Hi, I have a new Champion 2500W Model 200961 Dual Fuel Invert/Gen. I have just finished the initial break in period and I want to replace the factory spark plug with a good spark plug.
Whats everyone's preferred premium spark plug choice for their gen? My Champion gen came with a Torch E6RTC, Chinese special I'm sure. They show a NGKBPR5HS in the owners manual as a alternative. I have also found where Champion L87YC crosses with the TORCH. Is there any benefit to a Iridium plug if available? What your choice for a good plug?
Thanks!


----------



## LaSwamp (Mar 16, 2021)

I commented on your other thread. You want to go with the NGK. I thought there were actually two NGK plugs that are compatible but the cross reference doesn't mention the other NGK plug that's popular with the generator set. So your plug is going to be the BPR5HS. I have NGKs in all of my generators and they work well.


----------



## RET. L.E.O. 482B (Apr 25, 2021)

LaSwamp said:


> I commented on your other thread. You want to go with the NGK. I thought there were actually two NGK plugs that are compatible but the cross reference doesn't mention the other NGK plug that's popular with the generator set. So your plug is going to be the BPR5HS. I have NGKs in all of my generators and they work well.
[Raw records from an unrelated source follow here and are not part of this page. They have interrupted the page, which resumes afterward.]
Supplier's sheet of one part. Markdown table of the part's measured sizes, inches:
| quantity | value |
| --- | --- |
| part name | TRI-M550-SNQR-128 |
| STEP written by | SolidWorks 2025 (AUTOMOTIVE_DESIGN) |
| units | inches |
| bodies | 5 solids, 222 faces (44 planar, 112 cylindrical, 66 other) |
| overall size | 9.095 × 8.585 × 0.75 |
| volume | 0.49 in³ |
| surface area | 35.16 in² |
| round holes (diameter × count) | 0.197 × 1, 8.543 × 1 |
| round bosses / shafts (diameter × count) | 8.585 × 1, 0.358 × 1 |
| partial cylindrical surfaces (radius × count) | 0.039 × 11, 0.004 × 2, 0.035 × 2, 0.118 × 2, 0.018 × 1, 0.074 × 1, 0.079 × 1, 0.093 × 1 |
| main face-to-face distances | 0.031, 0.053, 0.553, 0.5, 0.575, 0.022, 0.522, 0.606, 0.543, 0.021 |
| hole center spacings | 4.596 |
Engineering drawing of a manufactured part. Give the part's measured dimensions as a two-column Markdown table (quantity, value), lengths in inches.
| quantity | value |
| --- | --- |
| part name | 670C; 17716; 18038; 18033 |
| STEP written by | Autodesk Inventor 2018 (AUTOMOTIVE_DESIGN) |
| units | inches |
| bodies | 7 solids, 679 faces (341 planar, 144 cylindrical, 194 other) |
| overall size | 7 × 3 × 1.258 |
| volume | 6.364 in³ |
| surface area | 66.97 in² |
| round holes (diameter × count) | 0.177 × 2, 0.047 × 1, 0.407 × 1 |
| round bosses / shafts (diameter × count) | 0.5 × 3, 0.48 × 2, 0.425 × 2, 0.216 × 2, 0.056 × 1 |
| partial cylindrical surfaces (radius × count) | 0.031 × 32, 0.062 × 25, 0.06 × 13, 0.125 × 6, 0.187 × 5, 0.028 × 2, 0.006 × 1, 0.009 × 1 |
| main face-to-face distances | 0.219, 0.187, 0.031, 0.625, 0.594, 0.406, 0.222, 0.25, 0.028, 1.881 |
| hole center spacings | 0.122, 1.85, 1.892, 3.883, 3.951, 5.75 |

Thank you LaSwamp  Will go with the NGK's


----------



## Bluwolf (Nov 8, 2020)

Since his generator is a dual fuel I think he is looking for the iridium version of the BPR5HS. Shortly I will have the same generator in 2000W. I've already looked through the manual and it gives the same plug as his. I've looked, but I can't find the iridium version. I had no problem finding the iridium one for my bigger champion. Anybody happen to know what it is?


----------



## LaSwamp (Mar 16, 2021)

It depends on if he plans to run his generator on LP. If he does, then you're right, he should look into the iridium version.


----------



## Bluwolf (Nov 8, 2020)

I can't speak for ret leo. But, as with my bigger gen I've only run it on propane and would like to keep it that way. I'm surprised I can't find the iridium cross reference. I'd assume I'm not too bright but I found the other plug cross reference.


----------



## LaSwamp (Mar 16, 2021)

Bluwolf said:


> I can't speak for ret leo. But, as with my bigger gen I've only run it on propane and would like to keep it that way. I'm surprised I can't find the iridium cross reference. I'd assume I'm not too bright but I found the other plug cross reference.


I haven't checked, but do we know if NGK makes an iridium plug in that size? I know they do for automotive applications. I don't think I've tried to locate one for a small engine.

ETA: After looking around, I was unable to find an NGK small engine iridium plug. I think a regular NGK plug would work fine, even with LP.


----------